EXERCISE AIM :: Print, in exact form, the lines below from the one containing "line (0, 0) -> (55, 0)" through the one containing "line (18, 128.3)", and omit all others.
[[ STUDY MATERIAL, beginning ]]
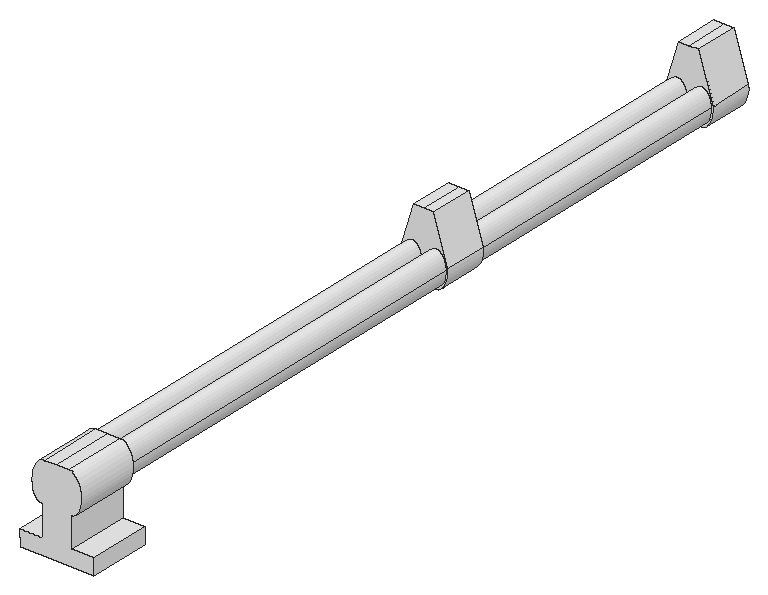
Revit family "HCL_Latchways_BaluAndGuardSym_VersiRail_Fixed", category Railings, host Face, Revit 2014
Parameters (values of type "BalustradeAndGuardingSystem_VersiRailFixed_WallMountStraight_MSA_Latchways")
  WarrantyStartDate [instance] = "1900-12-31T23:59:59"
  WarrantyGuarantorParts = "n/a"
  WarrantyGuarantorLabor = "n/a"
  WarrantyDurationUnit = "year"
  WarrantyDurationParts = "n/a"
  WarrantyDurationLabor = "n/a"
  WarrantyDescription = "n/a"
  WallStraightUpright = yes
  WallMountVis = yes
  WallInclinedUpright = no
  WallCurvedUpright = no
  Version = "1"  # constant formula
  UprightLength = 1150 mm
  Uniclass2 = "Ss_25_15_60_05"
  URL = "www.latchways.com"
  Type Comments = "n/a"
  TagNumber [instance] = "n/a"
  SustainabilityPerformance = "n/a"
  Size = "110 x 120 x 1150 mm"
  Shape = "n/a"
  ServiceLifeDuration = "n/a"
  SerialNumber [instance] = "n/a"
  Revision = "n/a"
  ReplacementCost = "n/a"
  Reference = "n/a"
  RailMaterial = LWplc_Latchwaysplc_Aluminium_Polished
  ProductInformation = "www.latchways.com/BIM/Latchways_WallMountedStraightVersiRail_Datasheet.pdf"
  PostBaseGap = 0 mm
  ParapetStraightUpright = no
  PostHeight = 10 mm
  ParapetInclinedUpright = no
  NominalWidth = 110 mm
  NominalLength = 120 mm
  NominalHeight = 1150 mm
  Name = "BalustradeAndGuardingSystem_VersiRailFixed_WallMountStraight_MSA_Latchways"
  NBSReference = "25-25-10/110"
  NBSNote = "n/a"
  NBSDescription = "Balustrade and guarding system"
  ModelReference = "VersiRail - Wall Mounted Straight Fixed assembly"
  ModelNumber = "22028-00+22042-00"
  Model = "22028-00+22042-00"
  Material = "Handrails & Uprights: Aluminium"
  ManufacturerURL = "www.latchways.com"
  ManufacturerName = "MSA Latchways"
  Manufacturer = "info@latchways.com"
  Keynote = ""
  IsExternal = yes
  Installer Website = "https://www.hclsafety.com/"
  Installer Info = "https://www.hclsafety.com/wp-content/uploads/2017/10/AC55-HCL-A4-brochure-2017.pdf"
  InstallationDate [instance] = "1900-12-31T23:59:59"
  IfcExportType = "IfcRailing"  # constant formula
  IfcExportAs = "GUARDRAIL"  # constant formula
  Height = 1150 mm
  Grade = "n/a"
  Finish = "n/a"
  Features = "n/a"
  ExpectedLife = "n/a"
  DurationUnit = "year"
  Diameter = 40 mm
  Description = "Latchways ManSafe VersiRail"
  Default Elevation = 1219.2 mm
  ParapetCurvedUpright = no
  Constituents = "n/a"
  Color = "n/a"
  CodePerformance = "n/a"
  Category = "n/a"
  BracketMaterial = LWplc_Latchwaysplc_Aluminium_Polished
  BasePlateVis = no
  BarCode [instance] = "n/a"
  BIMObjectName = "HCL_Latchways_BalustradeAndGuardingSystem_VersiRailFixed_WallMountStraight"
  Author = "MSA Latchways"  # constant formula
  AssetType = "Fixed"
  AssetIdentifier [instance] = "n/a"
  AccessibilityPerformance = "n/a"
Types (7, lengths in mm): name | WallStraightUpright | WallMountVis | WallInclinedUpright | WallCurvedUpright | Size | ProductInformation | ParapetStraightUpright | ParapetInclinedUpright | NominalWidth | NominalLength | Name | ModelReference | ModelNumber | Model | ParapetCurvedUpright | BasePlateVis | BIMObjectName
  (no name) | yes | yes | no | no | "110 x 120 x 1150 mm" | "www.latchways.com/BIM/Latchways_WallMountedStraightVersiRail_Datasheet.pdf" | no | no | 110 | 120 | "BalustradeAndGuardingSystem_VersiRailFixed_WallMountStraight_MSA_Latchways" | "VersiRail - Wall Mounted Straight Fixed assembly" | "22028-00+22042-00" | "22028-00+22042-00" | no | no | "HCL_Latchways_BalustradeAndGuardingSystem_VersiRailFixed_WallMountStraight"
  BalustradeAndGuardingSystem_VersiRailFixed_WallMountCurved_MSA_Latchways | no | yes | no | yes | "110 x 596 x 1150 mm" | "www.latchways.com/BIM/Latchways_WallMountedCurvedVersiRail_Datasheet.pdf" | no | no | 110 | 596 | "BalustradeAndGuardingSystem_VersiRailFixed_WallMountCurved_MSA_Latchways" | "VersiRail - Wall Mounted Curved Fixed assembly" | "22228-00+22042-00" | "22228-00+22042-00" | no | no | "HCL_Latchways_BalustradeAndGuardingSystem_VersiRailFixed_WallMountCurved"
  BalustradeAndGuardingSystem_VersiRailFixed_WallMountInclined_MSA_Latchways | no | yes | yes | no | "110 x 450 x 1150 mm" | "www.latchways.com/BIM/Latchways_WallMountedInclinedVersiRail_Datasheet.pdf" | no | no | 110 | 450 | "BalustradeAndGuardingSystem_VersiRailFixed_WallMountInclined_MSA_Latchways" | "VersiRail - Wall Mounted Inclined Fixed assembly" | "22120-00+22042-00" | "22228-00+22042-00" | no | no | "HCL_Latchways_BalustradeAndGuardingSystem_VersiRailFixed_WallMountInclined"
  BalustradeAndGuardingSystem_VersiRailFixed_WallMountStraight_MSA_Latchways | yes | yes | no | no | "110 x 120 x 1150 mm" | "www.latchways.com/BIM/Latchways_WallMountedStraightVersiRail_Datasheet.pdf" | no | no | 110 | 120 | "BalustradeAndGuardingSystem_VersiRailFixed_WallMountStraight_MSA_Latchways" | "VersiRail - Wall Mounted Straight Fixed assembly" | "22028-00+22042-00" | "22028-00+22042-00" | no | no | "HCL_Latchways_BalustradeAndGuardingSystem_VersiRailFixed_WallMountStraight"
  BalustradeAndGuardingSystem_VersiRailFixed_SlabAndParapetStraight_MSA_Latchways | no | no | no | no | "186 x 120 x 1150 mm" | "www.latchways.com/BIM/Latchways_Parapet-SlabMounted_StraightVersiRail_Datasheet.pdf" | yes | no | 186 | 120 | "BalustradeAndGuardingSystem_VersiRailFixed_SlabAndParapetStraight_MSA_Latchways" | "VersiRail - Slab And Parapet Mounted Straight Fixed assembly" | "22028-00+22044-00" | "22028-00+22044-00" | no | yes | "HCL_Latchways_BalustradeAndGuardingSystem_VersiRailFixed_SlabAndParapetStraight"
  BalustradeAndGuardingSystem_VersiRailFixed_SlabAndParapetInclined_MSA_Latchways | no | no | no | no | "186 x 325 x 1150 mm" | "www.latchways.com/BIM/Latchways_Parapet-SlabMounted_InclinedVersiRail_Datasheet.pdf" | no | yes | 186 | 325 | "BalustradeAndGuardingSystem_VersiRailFixed_SlabAndParapetInclined_MSA_Latchways" | "VersiRail - Slab And Parapet Mounted Inclined Fixed assembly" | "22120-00+22044-00" | "22120-00+22044-00" | no | yes | "HCL_Latchways_BalustradeAndGuardingSystem_VersiRailFixed_SlabAndParapetInclined"
  BalustradeAndGuardingSystem_VersiRailFixed_SlabAndParapetCurved_MSA_Latchways | no | no | no | no | "186 x 440 x 1150 mm" | "www.latchways.com/BIM/Latchways_Parapet-SlabMounted_CurvedVersiRail_Datasheet.pdf" | no | no | 186 | 440 | "BalustradeAndGuardingSystem_VersiRailFixed_SlabAndParapetCurved_MSA_Latchways" | "VersiRail - Slab And Parapet Mounted Curved Fixed assembly" | "22228-00+22044-00" | "22120-00+22044-00" | yes | yes | "HCL_Latchways_BalustradeAndGuardingSystem_VersiRailFixed_SlabAndParapetCurved"
Reference planes
  plane 1 "Center (Front/Back)": y = 0
  plane 2: z = 0
  plane 3 "Center (Left/Right)": x = 0
  plane 4: y = -47.5
Dimensions and locks
  aligned and locked: plane 2 to host face
  aligned and locked: level to host face
Nested families
  nested 1: "LWplc_VersiRail_WallBracket" at (0, 0, 0), visible <- "WallMountVis", type "LWplc_VersiRail_WallBracket"
  nested 2: "LWplc_VersiRail_StraightUpright" at (-0.423, 47.5, 119.768) x (1, 0, 0) z (0, 1, 0), visible <- "WallStraightUpright", PostBaseGap <- "PostBaseGap", type "LWplc_VersiRail_StraightUpright"
    with PostBaseGap 0 mm
  nested 3: "LWplc_VersiRail_InclinedUpright" at (0.53, 47.5, 73.632) x (-1, 0, 0) z (0, 1, 0), visible <- "WallInclinedUpright", PostBaseGap <- "PostBaseGap", type "LWplc_VersiRail_InclinedUpright"
  nested 4: "LWplc_VersiRail_CurvedUpright" at (-0.065, 47.5, 95.368) x (-1, 0, 0) z (0, 1, 0), visible <- "WallCurvedUpright", PostBaseGap <- "PostBaseGap", type "LWplc_VersiRail_CurvedUpright"
    with PostBaseGap 0 mm
  nested 5: "LWplc_VersiRail_FixedBase" at (0, 0, 0) x (0, 1, 0) z (0, 0, 1), visible <- "BasePlateVis", type "LWplc_VersiRail_FixedBase"
  nested 6: "LWplc_VersiRail_StraightUpright" at (0.247, 20.997, 146) x (-1, 0, 0) z (0, 0, 1), visible <- "ParapetStraightUpright", PostBaseGap <- "PostBaseGap", type "LWplc_VersiRail_StraightUpright"
    with PostBaseGap 0 mm
  nested 7: "LWplc_VersiRail_InclinedUpright" at (-0.625, -25.125, 146), visible <- "ParapetInclinedUpright", PostBaseGap <- "PostBaseGap", type "LWplc_VersiRail_InclinedUpright"
  nested 8: "LWplc_VersiRail_CurvedUpright" at (0.403, -3.548, 146), visible <- "ParapetCurvedUpright", PostBaseGap <- "PostBaseGap", type "LWplc_VersiRail_CurvedUpright"
    with PostBaseGap 0 mm
Definition of nested family "LWplc_VersiRail_WallBracket"
  Parameters (values of type "LWplc_VersiRail_WallBracket")
    RailMaterial = LWplc_Latchwaysplc_Aluminium_Polished
    Default Elevation = 0 mm
  Reference planes
    plane 1 "Center (Front/Back)": y = 0
    plane 2: z = 0
    plane 3 "Center (Left/Right)": x = 0
  Forms (mm)
    Extrusion 1, solid
      sketch origin (0, 0, 0) x (1, 0, 0) y (0, 1, 0)
        loop
          line (-1219.2, 1219.2) -> (-1219.2, -1219.2) -> (1219.2, -1219.2) -> (1219.2, 1219.2) -> (-1219.2, 1219.2)
      from 0 to -304.8
    Extrusion 2, solid, material "LWplc_Latchwaysplc_Aluminium_Polished" <- "RailMaterial"
      sketch origin (0, 197.5, 0) x (1, 0, 0) y (0, 0, 1)
        loop
          line (0, 0) -> (55, 0) -> (55, 24) -> (22, 24) -> (22, 69)
          spline (22, 69) -> (26.394, 70.311) -> (30.353, 73.554) -> (33.606, 78.507) -> (35.932, 84.832) -> (37.172, 92.099) -> (37.241, 99.813) -> (36.136, 107.447) -> (33.932, 114.482) -> (30.777, 120.438) -> (26.889, 124.909) -> (22.531, 127.591) -> (18, 128.3)
          line (18, 128.3) -> (0, 128.3) -> (-18, 128.3)
          spline (-18, 128.3) -> (-22.531, 127.591) -> (-26.889, 124.909) -> (-30.777, 120.438) -> (-33.932, 114.482) -> (-36.136, 107.447) -> (-37.241, 99.813) -> (-37.172, 92.099) -> (-35.932, 84.832) -> (-33.606, 78.507) -> (-30.353, 73.554) -> (-26.394, 70.311) -> (-22, 69)
          line (-22, 69) -> (-22, 24) -> (-55, 24) -> (-55, 0) -> (0, 0)
      from 150 to 245
  Lines and regions (mm)
    model lines, detail levels fine
      curve 1: spline (-50.136, 0, 24) -> (-49.88, 3.882, 24) -> (-49.131, 7.5, 24) -> (-47.939, 10.607, 24) -> (-46.386, 12.99, 24) -> (-44.577, 14.489, 24) -> (-42.636, 15, 24) -> (-40.694, 14.489, 24) -> (-38.886, 12.99, 24) -> (-37.332, 10.607, 24) -> (-36.14, 7.5, 24) -> (-35.391, 3.882, 24) -> (-35.136, 0, 24)
      curve 2: spline (-35.136, 0, 24) -> (-35.391, -3.882, 24) -> (-36.14, -7.5, 24) -> (-37.332, -10.607, 24) -> (-38.886, -12.99, 24) -> (-40.694, -14.489, 24) -> (-42.636, -15, 24) -> (-44.577, -14.489, 24) -> (-46.386, -12.99, 24) -> (-47.939, -10.607, 24) -> (-49.131, -7.5, 24) -> (-49.88, -3.882, 24) -> (-50.136, 0, 24)
      curve 3: spline (50.136, 0, 24) -> (49.88, 3.882, 24) -> (49.131, 7.5, 24) -> (47.939, 10.607, 24) -> (46.386, 12.99, 24) -> (44.577, 14.489, 24) -> (42.636, 15, 24) -> (40.694, 14.489, 24) -> (38.886, 12.99, 24) -> (37.332, 10.607, 24) -> (36.14, 7.5, 24) -> (35.391, 3.882, 24) -> (35.136, 0, 24)
      curve 4: spline (35.136, 0, 24) -> (35.391, -3.882, 24) -> (36.14, -7.5, 24) -> (37.332, -10.607, 24) -> (38.886, -12.99, 24) -> (40.694, -14.489, 24) -> (42.636, -15, 24) -> (44.577, -14.489, 24) -> (46.386, -12.99, 24) -> (47.939, -10.607, 24) -> (49.131, -7.5, 24) -> (49.88, -3.882, 24) -> (50.136, 0, 24)
  Dimensions and locks
    aligned and locked: plane 2 to Extrusion 1
    aligned and locked: level to Extrusion 1
Definition of nested family "LWplc_VersiRail_StraightUpright"
  Parameters (values of type "LWplc_VersiRail_StraightUpright")
    RailMaterial = LWplc_Latchwaysplc_Aluminium_Polished
    PostBaseGap [instance] = 10 mm
    Heightof Post = 1150 mm
    Default Elevation = 1219.2 mm
  Reference planes
    plane 1 "Center (Front/Back)": y = 0
    plane 2: z = 0
    plane 3 "Center (Left/Right)": x = 0
    plane 4: z = 10
    plane 5: z = 1160
    plane 6: z = 1095
    plane 7: z = 655
    plane 8: z = 590
    plane 9: z = 1050
    plane 10: z = 622.5
    plane 11: y = -26.25
    plane 12: z = 1127.5
  Forms (mm)
    Extrusion 1, solid
      sketch origin (0, 0, 0) x (1, 0, 0) y (0, 1, 0)
        loop
          line (-1219.2, 1219.2) -> (-1219.2, -1219.2) -> (1219.2, -1219.2) -> (1219.2, 1219.2) -> (-1219.2, 1219.2)
      from 0 to -304.8
    Extrusion 2, solid, material "LWplc_Latchwaysplc_Aluminium_Polished" <- "RailMaterial", detail levels medium+fine
      sketch origin (0, 108.1, 590) x (1, 0, 0) y (0, 1, 0)
        loop
          line (0, -160) -> (15, -160) -> (36.16, -90.929)
          spline (36.16, -90.929) -> (36.327, -85.309) -> (35.805, -79.744) -> (34.612, -74.442) -> (32.795, -69.604) -> (30.42, -65.412) -> (27.579, -62.024) -> (24.376, -59.566) -> (20.934, -58.132) -> (17.382, -57.775) -> (13.852, -58.509) -> (10.479, -60.307) -> (7.389, -63.1)
          line (7.389, -63.1) -> (-7.389, -63.1)
          spline (-7.389, -63.1) -> (-10.479, -60.307) -> (-13.852, -58.509) -> (-17.382, -57.775) -> (-20.934, -58.132) -> (-24.376, -59.566) -> (-27.579, -62.024) -> (-30.42, -65.412) -> (-32.795, -69.604) -> (-34.612, -74.442) -> (-35.805, -79.744) -> (-36.327, -85.309) -> (-36.16, -90.929)
          line (-36.16, -90.929) -> (-15, -160) -> (0, -160)
      from 0 to 65
    Extrusion 3, solid, material "LWplc_Latchwaysplc_Aluminium_Polished" <- "RailMaterial"
      sketch origin (0, -2.821, 0) x (1, 0, 0) y (0, 1, 0)
        loop
          spline (-32.35, 24.159) -> (-31.861, 17.688) -> (-30.428, 11.659) -> (-28.147, 6.481) -> (-25.175, 2.508) -> (-21.714, 0.011) -> (-18, -0.841) -> (-14.286, 0.011) -> (-10.825, 2.508) -> (-7.853, 6.481) -> (-5.573, 11.659) -> (-4.139, 17.688) -> (-3.65, 24.159)
          spline (-3.65, 24.159) -> (-4.139, 30.629) -> (-5.573, 36.659) -> (-7.853, 41.837) -> (-10.825, 45.81) -> (-14.286, 48.307) -> (-18, 49.159) -> (-21.714, 48.307) -> (-25.175, 45.81) -> (-28.147, 41.837) -> (-30.428, 36.659) -> (-31.861, 30.629) -> (-32.35, 24.159)
        loop
          spline (32.35, 24.159) -> (31.861, 30.629) -> (30.428, 36.659) -> (28.147, 41.837) -> (25.175, 45.81) -> (21.714, 48.307) -> (18, 49.159) -> (14.286, 48.307) -> (10.825, 45.81) -> (7.853, 41.837) -> (5.573, 36.659) -> (4.139, 30.629) -> (3.65, 24.159)
          spline (3.65, 24.159) -> (4.139, 17.688) -> (5.573, 11.659) -> (7.853, 6.481) -> (10.825, 2.508) -> (14.286, 0.011) -> (18, -0.841) -> (21.714, 0.011) -> (25.175, 2.508) -> (28.147, 6.481) -> (30.428, 11.659) -> (31.861, 17.688) -> (32.35, 24.159)
      from 10 to 1160
    Extrusion 4, solid, material "LWplc_Latchwaysplc_Aluminium_Polished" <- "RailMaterial", detail levels medium+fine
      sketch origin (0, 108.1, 1090) x (1, 0, 0) y (0, 1, 0)
        loop
          line (0, -160) -> (15, -160) -> (36.16, -90.929)
          spline (36.16, -90.929) -> (36.327, -85.309) -> (35.805, -79.744) -> (34.612, -74.442) -> (32.795, -69.604) -> (30.42, -65.412) -> (27.579, -62.024) -> (24.376, -59.566) -> (20.934, -58.132) -> (17.382, -57.775) -> (13.852, -58.509) -> (10.479, -60.307) -> (7.389, -63.1)
          line (7.389, -63.1) -> (-7.389, -63.1)
          spline (-7.389, -63.1) -> (-10.479, -60.307) -> (-13.852, -58.509) -> (-17.382, -57.775) -> (-20.934, -58.132) -> (-24.376, -59.566) -> (-27.579, -62.024) -> (-30.42, -65.412) -> (-32.795, -69.604) -> (-34.612, -74.442) -> (-35.805, -79.744) -> (-36.327, -85.309) -> (-36.16, -90.929)
          line (-36.16, -90.929) -> (-15, -160) -> (0, -160)
      from 5 to 70
  Lines and regions (mm)
    model lines, detail levels coarse
      curve 1: circle (0, -26.25, 622.5) r 20 normal (1, 0, 0)
      curve 2: circle (0, -26.25, 1127.5) r 20 normal (1, 0, 0)
  Dimensions and locks
    locked: plane 7 to plane 8 at 65
    "Heightof Post": plane 5 to plane 4
    locked: plane 5 to plane 6 at 65
    "PostBaseGap": plane 4 to plane 2
    locked: plane 10 to plane 7 at 32.5
    locked: plane 1 "Center (Front/Back)" to plane 11 at 26.25
    locked: plane 5 to plane 12 at 32.5
    aligned and locked: plane 2 to Extrusion 1
    aligned and locked: level to Extrusion 1
    aligned and locked: Extrusion 3 to plane 4
    aligned and locked: plane 5 to Extrusion 3
    aligned and locked: plane 7 to Extrusion 2
    aligned and locked: Extrusion 2 to plane 8
    aligned and locked: Extrusion 4 to Extrusion 3
    aligned and locked: Extrusion 4 to plane 6
    aligned and locked: plane 5 to Extrusion 4
    aligned and locked: plane 10 to curve 1
    aligned and locked: plane 11 to curve 1
    aligned and locked: plane 12 to curve 2
    aligned and locked: plane 11 to curve 2
  Automatic sketch dimensions
    Extrusion 1 sketch curve to Extrusion 1 sketch curve = 2438.4 mm  (x2)
    Extrusion 2 sketch curve to plane 3 "Center (Left/Right)" = 0 mm
    plane 11 to Extrusion 2 sketch curve = 25.65 mm
    Extrusion 2 sketch curve to plane 3 "Center (Left/Right)" = 7.389 mm
    Extrusion 2 sketch curve to plane 3 "Center (Left/Right)" = 15 mm
    Extrusion 2 sketch curve to plane 3 "Center (Left/Right)" = 36.16 mm
    plane 3 "Center (Left/Right)" to Extrusion 2 sketch curve = 7.389 mm
    Extrusion 2 sketch curve to Extrusion 2 sketch curve = 15 mm
    plane 3 "Center (Left/Right)" to Extrusion 2 sketch curve = 36.16 mm
    Extrusion 2 sketch curve to plane 3 "Center (Left/Right)" = 18 mm
    Extrusion 2 sketch curve to plane 3 "Center (Left/Right)" = 0.35 mm
    plane 3 "Center (Left/Right)" to Extrusion 2 sketch curve = 0.35 mm
    Extrusion 2 sketch curve to Extrusion 2 sketch curve = 17.65 mm
    Extrusion 2 sketch curve to plane 1 "Center (Front/Back)" = 17.171 mm  (x2)
    Extrusion 2 sketch curve to Extrusion 2 sketch curve = 27.829 mm
    Extrusion 3 sketch curve to plane 3 "Center (Left/Right)" = 32.35 mm
    Extrusion 3 sketch curve to Extrusion 3 sketch curve = 14.35 mm  (x2)
    plane 3 "Center (Left/Right)" to Extrusion 3 sketch curve = 3.65 mm
    Extrusion 3 sketch curve to plane 1 "Center (Front/Back)" = 21.338 mm  (x2)
    Extrusion 4 sketch curve to plane 3 "Center (Left/Right)" = 0 mm
    plane 11 to Extrusion 4 sketch curve = 25.65 mm
    Extrusion 4 sketch curve to plane 3 "Center (Left/Right)" = 7.389 mm
    Extrusion 4 sketch curve to plane 3 "Center (Left/Right)" = 15 mm
    Extrusion 4 sketch curve to plane 3 "Center (Left/Right)" = 36.16 mm
    plane 3 "Center (Left/Right)" to Extrusion 4 sketch curve = 7.389 mm
    Extrusion 4 sketch curve to Extrusion 4 sketch curve = 15 mm
    plane 3 "Center (Left/Right)" to Extrusion 4 sketch curve = 36.16 mm
    Extrusion 4 sketch curve to plane 3 "Center (Left/Right)" = 18 mm
    Extrusion 4 sketch curve to plane 3 "Center (Left/Right)" = 0.35 mm
    plane 3 "Center (Left/Right)" to Extrusion 4 sketch curve = 0.35 mm
    Extrusion 4 sketch curve to Extrusion 4 sketch curve = 17.65 mm
    Extrusion 4 sketch curve to plane 1 "Center (Front/Back)" = 17.171 mm  (x2)
    Extrusion 4 sketch curve to Extrusion 4 sketch curve = 27.829 mm
    radius of curve 1 = 20 mm
    radius of curve 2 = 20 mm
Definition of nested family "LWplc_VersiRail_InclinedUpright"
  Parameters (values of type "LWplc_Latchwaysplc_VersiRail_InclinedUpright")
    RailMaterial = LWplc_Latchwaysplc_Aluminium_Polished
    PostExtention = Heightof Post - 640 mm  # 510 mm
    PostBaseGap [instance] = 0 mm
    Heightof Post = 1150 mm
    Default Elevation = 1150 mm
  Reference planes
    plane 1 "Center (Front/Back)": y = 0
    plane 2: z = 0
    plane 3 "Center (Left/Right)": x = 0
    plane 4: z = 0
  Forms (mm)
    Extrusion 1, solid
      sketch origin (0, 0, 0) x (1, 0, 0) y (0, 1, 0)
        loop
          line (-1219.2, 1219.2) -> (-1219.2, -1219.2) -> (1219.2, -1219.2) -> (1219.2, 1219.2) -> (-1219.2, 1219.2)
      from 0 to -304.8
    Sweep 2, solid, material "LWplc_Latchwaysplc_Aluminium_Polished" <- "RailMaterial"
      path origin (0.683, 0.704, 0) x (0, 1, 0) y (0, 0, 1)
        loop
          line (0, 0) -> (0, 114)
          arc (0, 114) -> (25.09, 386.969) -> (99.52, 650.791) r 1497.436
          line (99.52, 650.791) -> (307.434, 1116.486)
      profile origin (0.683, 0.704, 57) x (0, -1, 0) y (1, 0, 0)
        loop
          spline (-24.159, -32.35) -> (-17.688, -31.861) -> (-11.659, -30.428) -> (-6.481, -28.147) -> (-2.508, -25.175) -> (-0.011, -21.714) -> (0.841, -18) -> (-0.011, -14.286) -> (-2.508, -10.825) -> (-6.481, -7.853) -> (-11.659, -5.573) -> (-17.688, -4.139) -> (-24.159, -3.65)
          spline (-24.159, -3.65) -> (-30.629, -4.139) -> (-36.659, -5.573) -> (-41.837, -7.853) -> (-45.81, -10.825) -> (-48.307, -14.286) -> (-49.159, -18) -> (-48.307, -21.714) -> (-45.81, -25.175) -> (-41.837, -28.147) -> (-36.659, -30.428) -> (-30.629, -31.861) -> (-24.159, -32.35)
        loop
          spline (-24.159, 32.35) -> (-30.629, 31.861) -> (-36.659, 30.428) -> (-41.837, 28.147) -> (-45.81, 25.175) -> (-48.307, 21.714) -> (-49.159, 18) -> (-48.307, 14.286) -> (-45.81, 10.825) -> (-41.837, 7.853) -> (-36.659, 5.573) -> (-30.629, 4.139) -> (-24.159, 3.65)
          spline (-24.159, 3.65) -> (-17.688, 4.139) -> (-11.659, 5.573) -> (-6.481, 7.853) -> (-2.508, 10.825) -> (-0.011, 14.286) -> (0.841, 18) -> (-0.011, 21.714) -> (-2.508, 25.175) -> (-6.481, 28.147) -> (-11.659, 30.428) -> (-17.688, 31.861) -> (-24.159, 32.35)
    Extrusion 3, solid, material "LWplc_Latchwaysplc_Aluminium_Polished" <- "RailMaterial", detail levels medium+fine
      sketch origin (0.683, 12.313, 602.504) x (1, 0, 0) y (0, 0.945519, -0.325568)
        loop
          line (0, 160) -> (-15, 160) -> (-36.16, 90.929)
[[ STUDY MATERIAL, end ]]
TASK RESULT ::
          line (0, 0) -> (55, 0) -> (55, 24) -> (22, 24) -> (22, 69)
          spline (22, 69) -> (26.394, 70.311) -> (30.353, 73.554) -> (33.606, 78.507) -> (35.932, 84.832) -> (37.172, 92.099) -> (37.241, 99.813) -> (36.136, 107.447) -> (33.932, 114.482) -> (30.777, 120.438) -> (26.889, 124.909) -> (22.531, 127.591) -> (18, 128.3)
          line (18, 128.3) -> (0, 128.3) -> (-18, 128.3)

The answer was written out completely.